Ma poi arriva un altro agosto, quello del 2011, e, dopo, l’autunno dello spread: che cosa salta? "Crollano le banche francesi e tedesche e, per oscurare le colpe dei più forti, si scatena la speculazione contro l’Italia, dove troppi sono ansiosi di fare, come nel Cinquecento, la chiamata dello straniero. Habermas lo definì un dolce colpo di Stato. Un colpo di Stato realizzato con lo spread. Oggi comunque i migliori manuali spiegano che i colpi di Stato si fanno non con gli spread ma facendo saltare le banche. E anche questo vuol dire che la crisi non è finita".

Non è finita soprattutto perché non sono mai arrivate regole per impedire il suo espandersi in altre e nuove forme? "Sì, passato il primo impatto, fu inventato il Fsb ( Financial Stability Board ), che ha prodotto una quantità infinita di regole destinate a essere auto-abrogate. Io proponevo, invece, gli Eurobond e il Fondo salva-Stati. O, ancora, il Global Legal Standard in ambito Ocse e G7, inteso come Trattato internazionale multilaterale di principi e regole per l’economia e non solo per la finanza. Ma niente è stato tradotto in realtà".
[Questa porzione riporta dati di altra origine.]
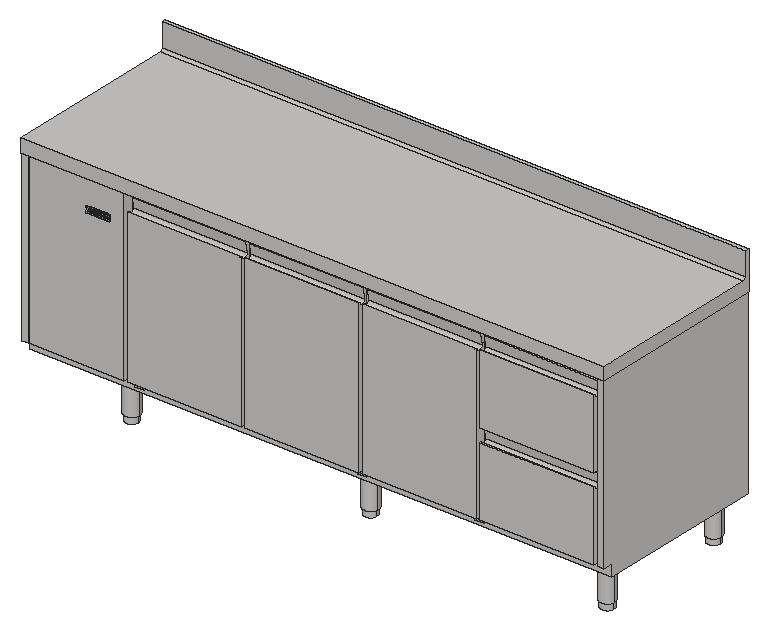
Revit family "QF_ZANUSSI_111058_ZH4H3AAAB", category Specialty Equipment, Revit 2018
Family settings
  Round Connector Dimension = Use Diameter
  Part Type = Normal
  Work Plane-Based = No
  Always vertical = Yes
  Cut with Voids When Loaded = No
  Shared = No
  Room Calculation Point = No
Parameters
  Weight = 0.00 kg
  Watts = 0.0232258 W
  Volts = 220 V
  URL Manufacturer = "http://www.zanussiprofessional.com/"
  URL = "http://www.zanussiprofessional.com/"
  Steam Supply Size = 0 mm
  Steam Supply Minimum Pressure = 0.0 Pa
  Steam Supply Maximum Pressure = 0.0 Pa
  Steam Pounds per Hour = 0
  Show Logo [instance] = yes
  Show Clearance [instance] = yes
  Refrigeration Suction Line Size = 0 mm
  Refrigeration Liquid Line Size = 0 mm
  Refrigerant Compressor Remote = yes
  Manufacturer = "Zanussi"
  Phase = 1
  Model = "ZH4H3AAAB"
  Length Actual = 2253 mm  # constant formula
  Item Number = "111058"
  Hot Water Size = 0 mm
  Height Actual = 1000 mm  # constant formula
  HP = "0.3 HP"
  Gas Size = 0 mm
  Gas KW = 0
  Gas Input Pressure = 0 W
  Description = "3DOORS+2DRAWERS REF.TABLE 590L-SPLB"
  Depth Actual = 700 mm  # constant formula
  Cycle = 50 Hz
  Condensate Return Size = 0 mm
  Compressed Air Volume = 0.0 L/s
  Compressed Air Size = 0 mm
  Compressed Air Pressure = 0.0 Pa
  Cold Water Size = 0 mm
  Accessory = yes
Reference planes
  plane 1 "Center X": y = 182.5
  plane 2: z = 0
  plane 3 "Center Y": x = -580.5
  plane 4: y = -62.5
  plane 5: y = 451.5
  plane 6 "BACK": y = 532.5
  plane 7 "FRONT": y = -167.5
  plane 8: x = -1360
  plane 9: x = 478
  plane 10: z = 150
  plane 11 "TOP": z = 900
  plane 12: z = 850
  plane 13 "LEFT": x = -1705
  plane 14 "RIGHT": x = 544
  plane 15: x = -437
  plane 16: x = -1707
  plane 17: x = 546
Forms (mm)
  Extrusion 1, solid, material "QF_Finishes_Stainless Steel"
    sketch origin (-580.5, 2, 0) x (0, 1, 0) y (0, 0, 1)
      loop
        line (530.5, 150) -> (530.5, 850) -> (-124.5, 850) -> (-124.5, 150) -> (530.5, 150)
    from -1124.5 to 1124.5
  Extrusion 2, solid, material "QF_Finishes_Stainless Steel"
    sketch origin (-1022.223, -1524, 150) x (-1, 0, 0) y (0, -1, 0)
      loop
        line (682.777, -1361.5) -> (657.777, -1361.5) -> (657.777, -1401.5) -> (682.777, -1401.5) -> (682.777, -1361.5)
      loop
        line (-1566.223, -1401.5) -> (-1541.223, -1401.5) -> (-1541.223, -1361.5) -> (-1566.223, -1361.5) -> (-1566.223, -1401.5)
    from 47 to 700
  Extrusion 3, solid, material "QF_Finishes_Stainless Steel"
    sketch origin (0, 0, 900) x (-1, 0, 0) y (0, -1, 0)
      loop
        circle (-57, -94.5) r 8.45
      loop
        circle (851, -94.5) r 8.45
    from -790.577 to -750
  Extrusion 4, solid, material "QF_Finishes_Stainless Steel"
    sketch origin (0, 0, 0) x (1, 0, 0) y (0, 1, 0)
      loop
        circle (-1621, 451.5) r 4
    from 109.423 to 150
  Extrusion 5, solid, material "QF_Finishes_Stainless Steel"
    sketch origin (-126.5, 0, 0) x (0, 1, 0) y (0, 0, 1)
      loop
        line (-167.5, 900) -> (-167.5, 850) -> (532.5, 850) -> (532.5, 1000) -> (519.5, 1000) -> (519.5, 910)
        arc (519.5, 910) -> (516.571, 902.929) -> (509.5, 900) r 10
        line (509.5, 900) -> (-167.5, 900)
    from 672.5 to -1580.5
Cuts and joins
  joined: Extrusion 1, Extrusion 2
Lines and regions (mm)
  symbolic lines, style "SpecialityEquipmentHiddenLines"
    curve 1: line (-1707, -122.5, 900) -> (546, -122.5, 900)
    curve 2: line (-1304, -167.5, 900) -> (-1304, -122.5, 900)
  symbolic lines, style "SpecialityEquipment"
    curve 3: line (-1707, 532.5, 900) -> (546, 532.5, 900)
    curve 4: line (-1707, 532.5, 900) -> (-1707, -167.5, 900)
    curve 5: line (-1707, -167.5, 900) -> (546, -167.5, 900)
    curve 6: line (546, -167.5, 900) -> (546, 532.5, 900)
    curve 7: line (-1707, 519.5, 900) -> (546, 519.5, 900)
Dimensions and locks
  locked: plane 6 "BACK" to plane 7 "FRONT" at 700
  equal spacing: plane 6 "BACK", plane 1 "Center X", plane 7 "FRONT"
  locked: plane 6 "BACK" to plane 5 at 81
  plane 10 to level = 150 mm
  plane 11 "TOP" to plane 12 to plane 10 = 50 mm locked, 700 mm locked
  locked: Extrusion 2 sketch curve to Extrusion 2 sketch curve at 25  (x2)
  locked: plane 4 to plane 7 "FRONT" at 105
  locked: plane 6 "BACK" to Extrusion 3 sketch curve at 438  (x2)
  equal spacing: plane 13 "LEFT", plane 3 "Center Y", plane 14 "RIGHT"
  plane 16 to plane 17 = 2253 mm
  locked: plane 13 "LEFT" to plane 8 at 345
  plane 15 to plane 9 to plane 14 "RIGHT" = 915 mm locked, 66 mm locked
  Extrusion 3 sketch curve to Extrusion 3 sketch curve to plane 14 "RIGHT" = 908 mm locked, 487 mm locked
  plane 13 "LEFT" to Extrusion 4 sketch curve = 84 mm
  locked: plane 6 "BACK" to Extrusion 4 sketch curve at 81
  locked: plane 10 to Extrusion 4 at 40.577
  aligned and locked: level to plane 2
  aligned and locked: plane 10 to Extrusion 3
  aligned and locked: nested 4 to plane 4
  aligned and locked: nested 1 to plane 4
  aligned and locked: nested 3 to plane 5
  aligned and locked: nested 2 to plane 5
  aligned and locked: plane 8 to nested 1
  aligned and locked: plane 8 to nested 2
  aligned and locked: plane 9 to nested 4
  aligned and locked: plane 9 to nested 3
  aligned and locked: Extrusion 1 to Extrusion 2
  aligned and locked: Extrusion 2 to Extrusion 1
  aligned and locked: Extrusion 2 sketch curve to plane 14 "RIGHT"
  aligned and locked: plane 13 "LEFT" to Extrusion 2 sketch curve
  aligned and locked: cut or joined group of Extrusion 1, Extrusion 2 to plane 10
  aligned and locked: plane 12 to cut or joined group of Extrusion 1, Extrusion 2
  aligned and locked: plane 10 to Extrusion 4
  aligned and locked: plane 15 to nested 11
  aligned and locked: plane 15 to nested 12
Automatic sketch dimensions
  plane 7 "FRONT" to Extrusion 2 sketch curve = 45 mm  (x2)
  plane 7 "FRONT" to Extrusion 2 sketch curve = 5 mm  (x2)
  Extrusion 1 sketch curve to plane 10 = 0 mm
  Extrusion 1 sketch curve to plane 12 = 0 mm
  Extrusion 1 sketch curve to plane 6 "BACK" = 0 mm
  plane 7 "FRONT" to Extrusion 1 sketch curve = 45 mm
  Extrusion 5 sketch curve to plane 7 "FRONT" = 0 mm
  Extrusion 5 sketch curve to plane 11 "TOP" = 0 mm
  Extrusion 5 sketch curve to plane 6 "BACK" = 0 mm
  Extrusion 5 sketch curve to plane 12 = 0 mm
  plane 11 "TOP" to Extrusion 5 sketch curve = 10 mm
  Extrusion 5 sketch curve to plane 6 "BACK" = 23 mm
  Extrusion 5 sketch curve to Extrusion 5 sketch curve = 90 mm
  curve 7 to plane 17 = 0 mm
  curve 2 to plane 7 "FRONT" = 0 mm
  curve 5 to plane 16 = 0 mm
  curve 3 to plane 6 "BACK" = 0 mm
  plane 8 to curve 2 = 56 mm
  curve 3 to curve 7 = 13 mm
  plane 7 "FRONT" to curve 1 = 45 mm
  radius of Extrusion 3 sketch curve = 8.45 mm  (x2)
  radius of Extrusion 4 sketch curve = 4 mm
Nested families
  nested 1: "Foot_Ø50_H150" at (-1360, -62.5, 0), type "Foot_Ø50_H150"
  nested 2: "Foot_Ø50_H150" at (-1360, 451.5, 0), type "Foot_Ø50_H150"
  nested 3: "Foot_Ø50_H150" at (478, 451.5, 0), type "Foot_Ø50_H150"
  nested 4: "Foot_Ø50_H150" at (478, -62.5, 0), type "Foot_Ø50_H150"
  nested 5: "2 Drawers" at (285, -164.5, 0), Show Clearance <- "Show Clearance", type "2 Drawers"
  nested 6: "Door" at (-169, -164.5, 0), Show Clearance <- "Show Clearance", type "Door"
  nested 7: "Refrigerator" at (544, -167.5, 900), type "Refrigerator"
  nested 8: "ZAN_Cooling Unit" at (-1495.5, -164.5, 0), Show Logo <- "Show Logo", type "ZAN_Cooling Unit"
  nested 9: "Door" at (-623, -164.5, 0), Show Clearance <- "Show Clearance", type "Door"
  nested 10: "Door" at (-1077, -164.5, 0) x (-1, 0, 0) z (0, 0, 1), Show Clearance <- "Show Clearance", type "Door"
  nested 11: "Foot_Ø50_H150" at (-437, -62.5, 0), type "Foot_Ø50_H150"
  nested 12: "Foot_Ø50_H150" at (-437, 451.5, 0), type "Foot_Ø50_H150"
Connectors
  electrical at (-1621, 451.5, 109.423), driven by "Volts"
    settings: on Extrusion 4, index 4, voltage 220 V, apparent load 0 VA, apparent load phase1 0 VA, apparent load phase2 0 VA, apparent load phase3 0 VA, power factor 1, load classification "Altro", number of poles 1, system type 30, power factor state 1, is connector primary yes, connector utility no, sub classification motor no, connector description "Electrical Connection"
  piping at (57, 94.5, 109.423), diameter 17
    settings: on Extrusion 3, index 5, connector inside diameter 609.6 mm, connector length 0 mm, flow factor 0, pipe flow 0.0 L/s, pressure drop 0.0 Pa, fitting loss kfactor 0, connector angle 0.00°, fixture units 0, engagement length 0 mm, angle of deflection 0.00°, flow configuration 1, flow direction 2, fitting loss method 0, system type 16, joint type 0, gender type 0, connector reference index -1, connector utility 0, adjustable connector no, is connector primary yes, connector description "Drain"
  piping at (-851, 94.5, 109.423), diameter 17
    settings: on Extrusion 3, index 6, connector inside diameter 609.6 mm, connector length 0 mm, flow factor 0, pipe flow 0.0 L/s, pressure drop 0.0 Pa, fitting loss kfactor 0, connector angle 0.00°, fixture units 0, engagement length 0 mm, angle of deflection 0.00°, flow configuration 1, flow direction 2, fitting loss method 0, system type 16, joint type 0, gender type 0, connector reference index -1, connector utility 0, adjustable connector no, is connector primary no, connector description "Drain"
Definition of nested family "Foot_Ø50_H150"
  Reference planes
    plane 1 "Centro (Fronte/Retro)": y = 0
    plane 2: z = 0
    plane 3 "Centro (Sinistra/Destra)": x = 0
    plane 4: z = 150
  Forms (mm)
    Revolve 1, solid
      sketch origin (255.05, 0, 608.09) x (0, 0, 1) y (-1, 0, 0)
        loop
          line (-608.09, 255.05) -> (-608.09, 230.05) -> (-583.09, 230.05) -> (-583.09, 226.05) -> (-458.09, 226.05) -> (-458.09, 255.05) -> (-608.09, 255.05)
        axis (-608.09, 255.05) -> (-458.09, 255.05)
      angle from 0 to 360
  Dimensions and locks
    locked: Revolve 1 sketch curve to Revolve 1 sketch curve at 125
    aligned and locked: level to plane 2
    aligned and locked: plane 4 to Revolve 1 sketch curve
    aligned and locked: Revolve 1 sketch curve to level
    aligned and locked: plane 3 "Centro (Sinistra/Destra)" to Revolve 1 sketch curve
Definition of nested family "2 Drawers"
  Parameters
    Show Clearance [instance] = yes
  Reference planes
    plane 1 "FRONT": y = -3
    plane 2: z = 0
    plane 3 "Centro (Sinistra/Destra)": x = 0
    plane 4: z = 150
    plane 5: z = 850
    plane 6: x = -234
    plane 7: x = 234
    plane 8: x = -220
    plane 9: x = 220
  Forms (mm)
    Extrusion 1, solid
      sketch origin (0, 55, 511) x (0, 0, 1) y (0, -1, 0)
        loop
          line (314, 18) -> (314, 29) -> (274.395, 22.5)
          arc (274.395, 22.5) -> (260.395, 36.5) -> (274.395, 50.5) r 14
          line (274.395, 50.5) -> (274.395, 53) -> (5, 53) -> (5, 18) -> (314, 18)
        loop
          line (-5, 29) -> (-44.605, 22.5)
          arc (-44.605, 22.5) -> (-58.605, 36.5) -> (-44.605, 50.5) r 14
          line (-44.605, 50.5) -> (-44.605, 53) -> (-314, 53) -> (-314, 18) -> (-5, 18) -> (-5, 29)
      from -220 to 220
    Extrusion 2, solid, visible <- "Show Clearance", detail levels coarse
      sketch origin (0, -462, 511) x (0, 0, 1) y (0, -1, 0)
        loop
          line (-314, 109) -> (-314, -464) -> (-5, -464) -> (-5, 109) -> (-314, 109)
        loop
          line (314, -464) -> (314, 109) -> (5, 109) -> (5, -464) -> (314, -464)
      from -220 to 220
  Lines and regions (mm)
    symbolic lines
      curve 1: line (-190, -3, 0) -> (-190, -88, 0)
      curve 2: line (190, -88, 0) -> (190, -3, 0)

E così siamo di nuovo alla paura e alla speranza. "Sì, ma i popoli si stanno ribellando. La talpa populista, figlia della stessa crisi, ha eroso il terreno su cui è stata costruita la cattedrale mercatista e globalista. Il voto dei popoli sta rifiutando l’ingerenza delle élite nella vita degli altri. E dice che non puoi ignorare le paure e le speranze che vengono da fuori (le migrazioni) o dal futuro (i robot). Puoi solo cercare l’equilibrio di un giusto mezzo".